То же и в его пьесах: среди полной безнадежности восьмидесятых и девяностых годов то и дело загораются в них светлые мечты, бодрящие предсказания о жизни через двести, триста или тысячу лет, ради которой мы все должны теперь страдать; о новых изобретениях, благодаря которым будут летать по воздуху, об открытии шестого чувства.
А заметили ли вы, как часто при исполнении пьес Чехова в зрительном зале раздается смех, да такой звонкий, веселый, какого мы не слышим на других спектаклях? Когда же Чехов берется за водевиль, то доводит шутку до размеров уморительного буфа.
А его письма? Когда я их читаю, от меня, конечно, не ускользает общее настроение грусти. Но на ее фоне блестят, точно весело мигающие звезды на ночном горизонте, остроумные словечки, смешные сравнения, уморительные характеристики.
Нередко дело доходит до дурачества, до анекдота и шуток прирожденного, не унывающего весельчака и юмориста, который жил в душе Антоши Чехонте, а впоследствии – и в душе больного, истомленного Чехова.
Когда здоровый человек чувствует себя бодро и весело, это – естественно, нормально.
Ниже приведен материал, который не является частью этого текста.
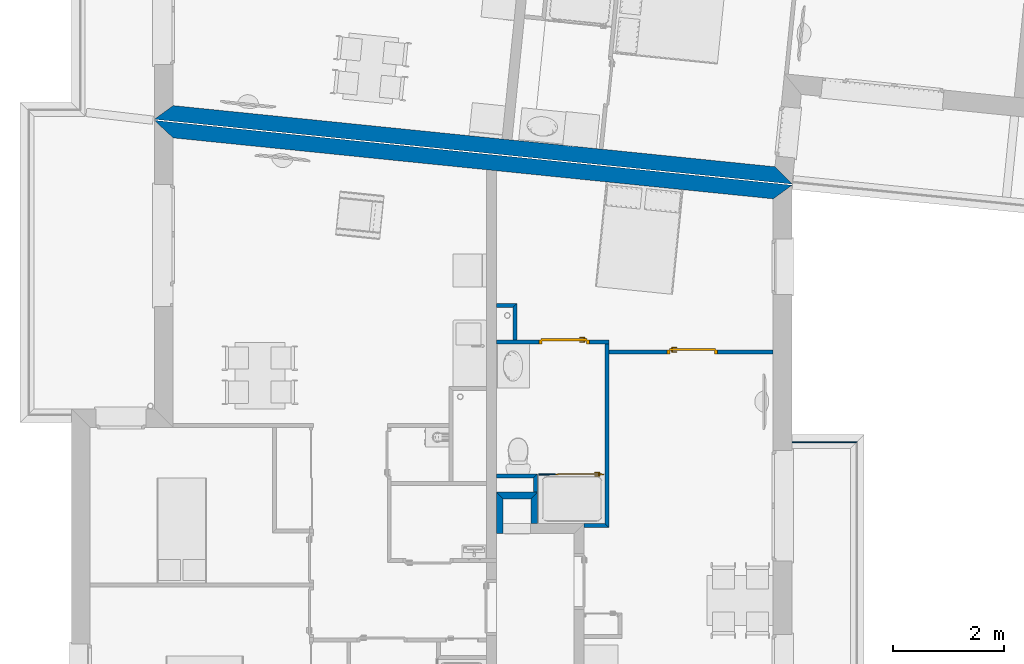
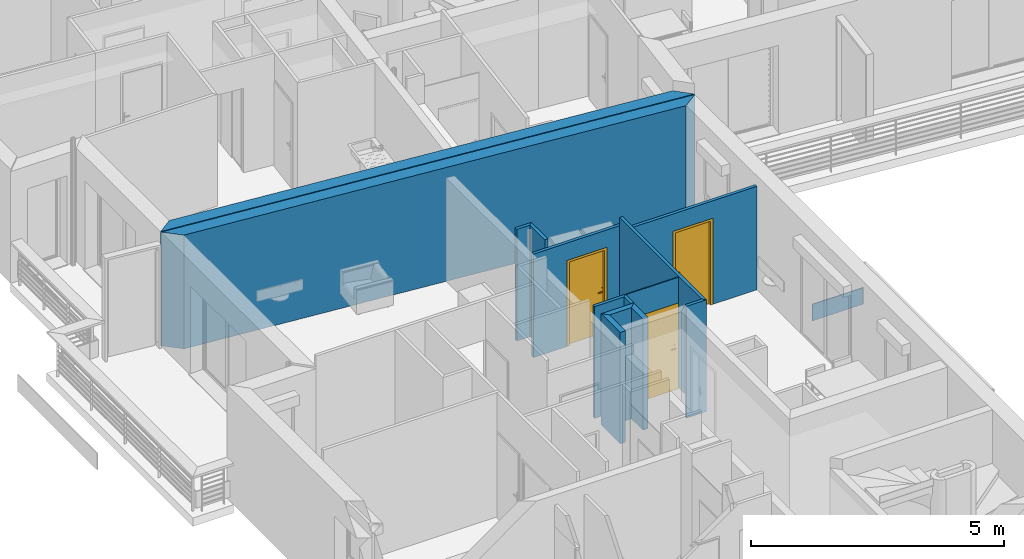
# One storey, part 43 of 164: 15 walls, 3 doors, 3 openings.
"""IFC2X3 building model written with IfcOpenShell, lengths in millimetres."""

from ifc_helpers import new_model, entity, si_unit, converted_unit, derived_unit, money_unit, direction, frame, origin_with_axes, origin_2d_with_axis, place, context, subcontext, project, spatial, polyline, rectangle, outline, extrude, faceted_brep, source, transform, mapped, material, layer, layer_set, layer_usage, type_object, element, fill, save


model = new_model("IFC2X3")

# Units and contexts
model_context = context("Model", 3, precision=0.01, world=origin_with_axes(), true_north=direction((0.0, 1.0)))
body_context = subcontext(model_context, "Body", "Model", "MODEL_VIEW")
ifc_project = project(units=[si_unit("LENGTHUNIT", "METRE", prefix="MILLI"), si_unit("AREAUNIT", "SQUARE_METRE"), si_unit("VOLUMEUNIT", "CUBIC_METRE"), converted_unit("PLANEANGLEUNIT", "DEGREE", entity("IfcPlaneAngleMeasure", 0.0174532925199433), si_unit("PLANEANGLEUNIT", "RADIAN"), dimensions=[0, 0, 0, 0, 0, 0, 0]), money_unit("USD"), converted_unit("TIMEUNIT", "Year", entity("IfcTimeMeasure", 31557600.0), si_unit("TIMEUNIT", "SECOND"), dimensions=[0, 0, 1, 0, 0, 0, 0]), si_unit("MASSUNIT", "GRAM", prefix="KILO"), si_unit("THERMODYNAMICTEMPERATUREUNIT", "DEGREE_CELSIUS"), si_unit("LUMINOUSINTENSITYUNIT", "LUMEN"), si_unit("ENERGYUNIT", "JOULE", prefix="MEGA"), derived_unit("THERMALCONDUCTANCEUNIT", [(si_unit("POWERUNIT", "WATT"), 1), (si_unit("LENGTHUNIT", "METRE"), -1), (si_unit("THERMODYNAMICTEMPERATUREUNIT", "KELVIN"), -1)]), derived_unit("SPECIFICHEATCAPACITYUNIT", [(si_unit("ENERGYUNIT", "JOULE"), 1), (si_unit("MASSUNIT", "GRAM", prefix="KILO"), -1), (si_unit("THERMODYNAMICTEMPERATUREUNIT", "KELVIN"), -1)]), derived_unit("MASSDENSITYUNIT", [(si_unit("MASSUNIT", "GRAM", prefix="KILO"), 1), (si_unit("VOLUMEUNIT", "CUBIC_METRE"), -1)])], contexts=[model_context])

# Site, building, storey
site_placement = place(None, origin_with_axes())
site = spatial("IfcSite", under=ifc_project, at=site_placement, Name="Site", CompositionType="ELEMENT")
building_placement = place(site_placement, origin_with_axes())
building = spatial("IfcBuilding", under=site, at=building_placement, Name="Bâtiment", CompositionType="ELEMENT")
storey_placement = place(building_placement, frame((0.0, 0.0, 5750.0), z_axis=(0.0, 0.0, 1.0), x_axis=(1.0, 0.0, 0.0)))
storey = spatial("IfcBuildingStorey", under=building, at=storey_placement, Name="Etage1", CompositionType="ELEMENT", Elevation=5750.0)

# Walls
ifc_material_1 = material(Name="Hachure solide 268963992")
ifc_layer_1 = layer(ifc_material_1, 70.0, ventilated="UNKNOWN")
ifc_layer_set_1 = layer_set([ifc_layer_1], Name="Cloison 70 0826278243")
ifc_layer_usage_1 = layer_usage(ifc_layer_set_1, "AXIS2", "NEGATIVE", 70.0)
wall_type_1 = type_object("IfcWallType", Name="Cloison 70 0826278243 70", PredefinedType="NOTDEFINED")
wall_1_placement = place(storey_placement, frame((2225054.796152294, -627577.8380544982, 0.0), z_axis=(0.0, 0.0, 1.0), x_axis=(0.0007691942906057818, 0.9999997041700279, 0.0)))
element("IfcWallStandardCase", 1, at=wall_1_placement, inside=storey, type_object=wall_type_1, material=ifc_layer_usage_1, Name="Mur-149", context=body_context, shape_type="SweptSolid", body=[
    extrude(outline(polyline([(0.0, 0.0), (330.478365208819, 0.0), (260.4245008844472, 70.00000000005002), (-0.01101605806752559, 70.00000000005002), (0.0, 0.0)])), origin_with_axes(), (0.0, 0.0, 1.0), 2700.0),
])
ifc_layer_usage_2 = layer_usage(ifc_layer_set_1, "AXIS2", "NEGATIVE", 70.0)
wall_2_placement = place(storey_placement, frame((2224682.35501324, -624827.5295410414, 0.0), z_axis=(0.0, 0.0, 1.0), x_axis=(0.0, 1.0, 0.0)))
element("IfcWallStandardCase", 2, at=wall_2_placement, inside=storey, type_object=wall_type_1, material=ifc_layer_usage_2, Name="Mur-149", context=body_context, shape_type="SweptSolid", body=[
    extrude(outline(polyline([(0.0, 0.0), (658.9671401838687, 0.0), (588.9671401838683, 70.00000000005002), (0.0, 70.00000000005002), (0.0, 0.0)])), origin_with_axes(), (0.0, 0.0, 1.0), 2700.0),
])
ifc_layer_usage_3 = layer_usage(ifc_layer_set_1, "AXIS2", "NEGATIVE", 70.0)
wall_3_placement = place(storey_placement, frame((2225055.050354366, -627247.3597870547, 0.0), z_axis=(0.0, 0.0, 1.0), x_axis=(-1.0, 0.0, 0.0)))
element("IfcWallStandardCase", 3, at=wall_3_placement, inside=storey, type_object=wall_type_1, material=ifc_layer_usage_3, Name="Mur-149", context=body_context, shape_type="SweptSolid", body=[
    extrude(outline(polyline([(1.13686837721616e-10, 0.0), (742.6999882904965, 0.0), (742.6995991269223, 70.00000000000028), (70.05386432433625, 70.00000000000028), (1.13686837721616e-10, 0.0)])), origin_with_axes(), (0.0, 0.0, 1.0), 2700.0),
])
ifc_layer_usage_4 = layer_usage(ifc_layer_set_1, "AXIS2", "NEGATIVE", 70.0)
wall_4_placement = place(storey_placement, frame((2226277.790394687, -628147.4571735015, 0.0), z_axis=(0.0, 0.0, 1.0), x_axis=(-1.0, 0.0, 0.0)))
element("IfcWallStandardCase", 4, at=wall_4_placement, inside=storey, type_object=wall_type_1, material=ifc_layer_usage_4, Name="Mur-149", context=body_context, shape_type="SweptSolid", body=[
    extrude(outline(polyline([(0.0, 0.0), (385.4720379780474, 0.0), (385.4720379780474, 70.00000000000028), (-70.00000000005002, 70.00000000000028), (0.0, 0.0)])), origin_with_axes(), (0.0, 0.0, 1.0), 2700.0),
])

# Wall, opening, door
ifc_layer_usage_5 = layer_usage(ifc_layer_set_1, "AXIS2", "NEGATIVE", 70.0)
wall_5_placement = place(storey_placement, frame((2229653.476038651, -625007.9594470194, 0.0), z_axis=(0.0, 0.0, 1.0), x_axis=(-1.0, 0.0, 0.0)))
wall_5 = element("IfcWallStandardCase", 5, at=wall_5_placement, inside=storey, type_object=wall_type_1, material=ifc_layer_usage_5, Name="Mur-149", context=body_context, shape_type="SweptSolid", body=[
    extrude(outline(polyline([(339.9999999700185, 0.0), (3305.685643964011, 0.0), (3305.685643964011, 70.00000000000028), (339.9999999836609, 70.00000000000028), (339.9999999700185, 0.0)])), origin_with_axes(), (0.0, 0.0, 1.0), 2500.0),
])
opening_1_placement = place(wall_5_placement, frame((1800.577135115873, 0.0, 0.0), z_axis=(0.0, 0.0, 1.0), x_axis=(1.0, 0.0, 0.0)))
opening_1 = element("IfcOpeningElement", 6, at=opening_1_placement, cuts=wall_5, Name="Por-293", context=body_context, shape_type="SweptSolid", body=[
    extrude(rectangle(XDim=910.0, YDim=2080.0, at=origin_2d_with_axis()), frame((0.0, 70.00000000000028, 1040.0), z_axis=(0.0, -1.0, 0.0), x_axis=(-1.0, 0.0, 0.0)), (0.0, 0.0, 1.0), 140.0),
])
door_style = type_object("IfcDoorStyle", Name="Porte_1v", ConstructionType="NOTDEFINED", OperationType="NOTDEFINED", ParameterTakesPrecedence=False, Sizeable=False)
shared_shape_1 = source(origin_with_axes(), body_context, "Body", "Brep", [
    faceted_brep([(455.0, 0.0, 0.0), (415.0000000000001, 0.0, 0.0), (415.0000000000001, 0.0, 2040.0), (-415.0000000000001, 0.0, 2040.0), (-415.0000000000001, 0.0, 0.0), (-455.0, 0.0, 0.0), (-455.0, 0.0, 2080.0), (455.0, 0.0, 2080.0), (455.0, -70.0, 0.0), (400.0, -70.0, 0.0), (400.0, -15.0, 0.0), (415.0000000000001, -15.0, 0.0), (415.0000000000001, -15.0, 2040.0), (-415.0000000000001, -15.0, 2040.0), (-415.0000000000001, -15.0, 0.0), (-400.0, -15.0, 0.0), (-400.0, -70.0, 0.0), (-455.0, -70.0, 0.0), (-455.0, -70.0, 2080.0), (455.0, -70.0, 2080.0), (-400.0, -70.0, 2025.0), (400.0, -70.0, 2025.0), (400.0, -15.0, 2025.0), (-400.0, -15.0, 2025.0)], [[[0, 1, 2, 3, 4, 5, 6, 7]], [[0, 8, 9, 10, 11, 1]], [[1, 11, 12, 2]], [[2, 12, 13, 3]], [[3, 13, 14, 4]], [[5, 4, 14, 15, 16, 17]], [[18, 6, 5, 17]], [[19, 7, 6, 18]], [[8, 0, 7, 19]], [[9, 8, 19, 18, 17, 16, 20, 21]], [[10, 9, 21, 22]], [[11, 10, 22, 23, 15, 14, 13, 12]], [[23, 20, 16, 15]], [[22, 21, 20, 23]]]),
    faceted_brep([(-350.0000000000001, -15.0, 900.0), (-390.0, -15.0, 900.0), (-390.0, -15.0, 1100.0), (-350.0000000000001, -15.0, 1100.0), (-350.0000000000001, -25.0, 900.0), (-390.0, -25.0, 900.0), (-390.0, -25.0, 1100.0), (-350.0000000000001, -25.0, 1100.0)], [[[0, 1, 2, 3]], [[1, 0, 4, 5]], [[2, 1, 5, 6]], [[3, 2, 6, 7]], [[0, 3, 7, 4]], [[5, 4, 7, 6]]]),
    faceted_brep([(-280.0, -25.0, 1000.0), (-380.0, -25.0, 1000.0), (-380.0, -25.0, 1020.0), (-280.0, -25.0, 1020.0), (-280.0, -45.0, 1000.0), (-380.0, -45.0, 1000.0), (-380.0, -45.0, 1020.0), (-280.0, -45.0, 1020.0)], [[[0, 1, 2, 3]], [[1, 0, 4, 5]], [[2, 1, 5, 6]], [[3, 2, 6, 7]], [[0, 3, 7, 4]], [[5, 4, 7, 6]]]),
    faceted_brep([(-350.0000000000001, 35.0, 900.0), (-390.0, 35.0, 900.0), (-390.0, 35.0, 1100.0), (-350.0000000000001, 35.0, 1100.0), (-350.0000000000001, 25.0, 900.0), (-390.0, 25.0, 900.0), (-390.0, 25.0, 1100.0), (-350.0000000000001, 25.0, 1100.0)], [[[0, 1, 2, 3]], [[1, 0, 4, 5]], [[2, 1, 5, 6]], [[3, 2, 6, 7]], [[0, 3, 7, 4]], [[5, 4, 7, 6]]]),
    faceted_brep([(-280.0, 55.00000000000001, 1000.0), (-380.0, 55.00000000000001, 1000.0), (-380.0, 55.00000000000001, 1020.0), (-280.0, 55.00000000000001, 1020.0), (-280.0, 35.0, 1000.0), (-380.0, 35.0, 1000.0), (-380.0, 35.0, 1020.0), (-280.0, 35.0, 1020.0)], [[[0, 1, 2, 3]], [[1, 0, 4, 5]], [[2, 1, 5, 6]], [[3, 2, 6, 7]], [[0, 3, 7, 4]], [[5, 4, 7, 6]]]),
    faceted_brep([(-415.0000000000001, 25.0, 0.0), (415.0000000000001, 25.0, 0.0), (415.0000000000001, -15.0, 0.0), (-415.0000000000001, -15.0, 0.0), (-415.0000000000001, 25.0, 2040.0), (415.0000000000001, 25.0, 2040.0), (415.0000000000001, -15.0, 2040.0), (-415.0000000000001, -15.0, 2040.0)], [[[0, 1, 2, 3]], [[0, 4, 5, 1]], [[1, 5, 6, 2]], [[3, 2, 6, 7]], [[4, 0, 3, 7]], [[5, 4, 7, 6]]]),
])
door_1_placement = place(opening_1_placement, frame((414.9999999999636, 0.0, 0.0), z_axis=(0.0, 0.0, 1.0), x_axis=(-1.0, 0.0, 0.0)))
door_1 = element("IfcDoor", 7, at=door_1_placement, inside=storey, type_object=door_style, Name="Por-293", OverallHeight=2040.0, OverallWidth=830.0, context=body_context, shape_type="MappedRepresentation", body=[
    mapped(shared_shape_1, transform((414.9999999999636, 0.0, 0.0))),
])
fill(opening_1, door_1)

# Walls
ifc_layer_usage_6 = layer_usage(ifc_layer_set_1, "AXIS2", "NEGATIVE", 70.0)
wall_6_placement = place(storey_placement, frame((2224682.35501324, -624168.5624008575, 0.0), z_axis=(0.0, 0.0, 1.0), x_axis=(-1.0, 0.0, 0.0)))
element("IfcWallStandardCase", 8, at=wall_6_placement, inside=storey, type_object=wall_type_1, material=ifc_layer_usage_6, Name="Mur-149", context=body_context, shape_type="SweptSolid", body=[
    extrude(outline(polyline([(0.0, 0.0), (370.0217636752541, 0.0), (370.0213745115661, 70.00000000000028), (70.00000000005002, 70.00000000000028), (0.0, 0.0)])), origin_with_axes(), (0.0, 0.0, 1.0), 2700.0),
])
ifc_layer_usage_7 = layer_usage(ifc_layer_set_1, "AXIS2", "NEGATIVE", 70.0)
wall_7_placement = place(storey_placement, frame((2226277.790394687, -624827.5295410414, 0.0), z_axis=(0.0, 0.0, 1.0), x_axis=(0.0, -1.0, 0.0)))
element("IfcWallStandardCase", 9, at=wall_7_placement, inside=storey, type_object=wall_type_1, material=ifc_layer_usage_7, Name="Mur-149", context=body_context, shape_type="SweptSolid", body=[
    extrude(outline(polyline([(70.00000000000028, 0.0), (3319.927632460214, 0.0), (3389.927632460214, 70.00000000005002), (70.00000000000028, 70.00000000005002), (70.00000000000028, 0.0)])), origin_with_axes(), (0.0, 0.0, 1.0), 2700.0),
])

# Wall, opening, door
ifc_layer_usage_8 = layer_usage(ifc_layer_set_1, "AXIS2", "NEGATIVE", 70.0)
wall_8_placement = place(storey_placement, frame((2226347.790394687, -624827.5295410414, 0.0), z_axis=(0.0, 0.0, 1.0), x_axis=(-1.0, 0.0, 0.0)))
wall_8 = element("IfcWallStandardCase", 10, at=wall_8_placement, inside=storey, type_object=wall_type_1, material=ifc_layer_usage_8, Name="Mur-149", context=body_context, shape_type="SweptSolid", body=[
    extrude(outline(polyline([(0.0, 0.0), (2035.247016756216, 0.0), (2035.247016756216, 70.00000000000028), (0.0, 70.00000000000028), (0.0, 0.0)])), origin_with_axes(), (0.0, 0.0, 1.0), 2500.0),
])
opening_2_placement = place(wall_8_placement, frame((810.9187417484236, 0.0, 0.0), z_axis=(0.0, 0.0, 1.0), x_axis=(1.0, 0.0, 0.0)))
opening_2 = element("IfcOpeningElement", 11, at=opening_2_placement, cuts=wall_8, Name="Por-293", context=body_context, shape_type="SweptSolid", body=[
    extrude(rectangle(XDim=910.0, YDim=2080.0, at=origin_2d_with_axis()), frame((0.0, 70.00000000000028, 1040.0), z_axis=(0.0, 1.0, 0.0), x_axis=(1.0, 0.0, 0.0)), (0.0, 0.0, -1.0), 140.0),
])
shared_shape_2 = source(origin_with_axes(), body_context, "Body", "Brep", [
    faceted_brep([(-454.9999999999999, 0.0, 0.0), (-454.9999999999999, 0.0, 2080.0), (454.9999999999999, 0.0, 2080.0), (454.9999999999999, 0.0, 0.0), (414.9999999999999, 0.0, 0.0), (414.9999999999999, 0.0, 2040.0), (-414.9999999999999, 0.0, 2040.0), (-414.9999999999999, 0.0, 0.0), (-454.9999999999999, -69.99999999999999, 0.0), (-454.9999999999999, -69.99999999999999, 2080.0), (454.9999999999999, -69.99999999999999, 2080.0), (454.9999999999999, -69.99999999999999, 0.0), (399.9999999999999, -69.99999999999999, 0.0), (399.9999999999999, -15.0, 0.0), (414.9999999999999, -15.0, 0.0), (414.9999999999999, -15.0, 2040.0), (-414.9999999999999, -14.99999999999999, 2040.0), (-414.9999999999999, -14.99999999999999, 0.0), (-399.9999999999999, -14.99999999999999, 0.0), (-399.9999999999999, -69.99999999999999, 0.0), (-399.9999999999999, -69.99999999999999, 2025.0), (399.9999999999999, -69.99999999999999, 2025.0), (399.9999999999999, -15.0, 2025.0), (-399.9999999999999, -14.99999999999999, 2025.0)], [[[0, 1, 2, 3, 4, 5, 6, 7]], [[8, 9, 1, 0]], [[9, 10, 2, 1]], [[10, 11, 3, 2]], [[3, 11, 12, 13, 14, 4]], [[5, 4, 14, 15]], [[6, 5, 15, 16]], [[7, 6, 16, 17]], [[0, 7, 17, 18, 19, 8]], [[19, 20, 21, 12, 11, 10, 9, 8]], [[22, 13, 12, 21]], [[17, 16, 15, 14, 13, 22, 23, 18]], [[18, 23, 20, 19]], [[23, 22, 21, 20]]]),
    faceted_brep([(350.0, -15.0, 900.0), (350.0, -15.0, 1100.0), (389.9999999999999, -15.0, 1100.0), (389.9999999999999, -15.0, 900.0), (350.0, -25.0, 900.0), (350.0, -25.0, 1100.0), (389.9999999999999, -25.0, 1100.0), (389.9999999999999, -25.0, 900.0)], [[[0, 1, 2, 3]], [[0, 4, 5, 1]], [[1, 5, 6, 2]], [[2, 6, 7, 3]], [[3, 7, 4, 0]], [[7, 6, 5, 4]]]),
    faceted_brep([(279.9999999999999, -25.0, 1000.0), (279.9999999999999, -25.0, 1020.0), (379.9999999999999, -25.0, 1020.0), (379.9999999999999, -25.0, 1000.0), (279.9999999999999, -45.0, 1000.0), (279.9999999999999, -45.0, 1020.0), (379.9999999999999, -45.0, 1020.0), (379.9999999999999, -45.0, 1000.0)], [[[0, 1, 2, 3]], [[0, 4, 5, 1]], [[1, 5, 6, 2]], [[2, 6, 7, 3]], [[3, 7, 4, 0]], [[7, 6, 5, 4]]]),
    faceted_brep([(350.0, 34.99999999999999, 900.0), (350.0, 34.99999999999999, 1100.0), (389.9999999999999, 34.99999999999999, 1100.0), (389.9999999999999, 34.99999999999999, 900.0), (350.0, 24.99999999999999, 900.0), (350.0, 24.99999999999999, 1100.0), (389.9999999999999, 24.99999999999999, 1100.0), (389.9999999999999, 24.99999999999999, 900.0)], [[[0, 1, 2, 3]], [[0, 4, 5, 1]], [[1, 5, 6, 2]], [[2, 6, 7, 3]], [[3, 7, 4, 0]], [[7, 6, 5, 4]]]),
    faceted_brep([(279.9999999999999, 54.99999999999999, 1000.0), (279.9999999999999, 54.99999999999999, 1020.0), (379.9999999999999, 54.99999999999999, 1020.0), (379.9999999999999, 54.99999999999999, 1000.0), (279.9999999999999, 34.99999999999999, 1000.0), (279.9999999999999, 34.99999999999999, 1020.0), (379.9999999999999, 34.99999999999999, 1020.0), (379.9999999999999, 34.99999999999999, 1000.0)], [[[0, 1, 2, 3]], [[0, 4, 5, 1]], [[1, 5, 6, 2]], [[2, 6, 7, 3]], [[3, 7, 4, 0]], [[7, 6, 5, 4]]]),
    faceted_brep([(414.9999999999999, 24.99999999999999, 0.0), (414.9999999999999, -15.0, 0.0), (-414.9999999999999, -14.99999999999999, 0.0), (-414.9999999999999, 25.0, 0.0), (414.9999999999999, 24.99999999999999, 2040.0), (414.9999999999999, -15.0, 2040.0), (-414.9999999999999, -14.99999999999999, 2040.0), (-414.9999999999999, 25.0, 2040.0)], [[[0, 1, 2, 3]], [[4, 5, 1, 0]], [[1, 5, 6, 2]], [[3, 2, 6, 7]], [[0, 3, 7, 4]], [[7, 6, 5, 4]]]),
])
door_2_placement = place(opening_2_placement, frame((414.9999999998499, 0.0, 0.0), z_axis=(0.0, 0.0, 1.0), x_axis=(-1.0, 0.0, 0.0)))
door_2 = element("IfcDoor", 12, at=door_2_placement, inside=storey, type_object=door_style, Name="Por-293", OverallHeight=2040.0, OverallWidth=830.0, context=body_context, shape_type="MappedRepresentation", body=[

Но когда больной, приговоренный самим собою к смерти (ведь Чехов – доктор), прикованный, как узник, к ненавистному ему месту, вдали от близких я друзей, не видя для себя просвета впереди, тем не менее умеет и смеяться, и жить светлыми мечтами, верой в будущее, заботливо накапливая культурные богатства для грядущих поколений, то такую жизнерадостность и жизнеспособность следует признать чрезвычайной, исключительной, гораздо выше нормы. Все пьесы Чехова пропитаны этим стремлением к лучшей жизни и кончаются искренней верой в грядущее будущее. Удивляешься тому, что такая вера живет в душе смертельно больного, прожившего тяжелую жизнь гениального поэта.
Почему же брюнеты-пессимисты устремляют свое внимание только на мрачные стороны его души и творчества и так слабо отмечают светлые? Или они смешивают самого драматурга с ролями, им создаваемыми? Но для того, чтобы написать Иванова, не надо самому быть им. Точно так же, как для того, чтобы создать Городничего, Судью, Землянику в «Ревизоре», нет необходимости, чтобы Гоголь стал взяточником.
Я думаю, совершенно наоборот: Чехов и Гоголь потому так ярко написали Иванова, Городничего и других, что они сами не были такими.
Или, может быть, Чехову следовало бы приклеить веселенькие концы к своим пьесам в духе тех, к которым приучил нас кинематограф: неожиданную или давно ожидаемую свадьбу, или общее примирение, или полное семейное благополучие, или другое бодрое окончание, рассчитанное на бесконечные вызовы? Тогда, может быть, он избежал бы созданной ему брюнетами-пессимистами репутации.
Достойно удивления, что в наше время живет еще прозаическое, упрощенное и прямолинейное отношение и подход к искусству, синтезирующему сложнейшую жизнь духа современных людей.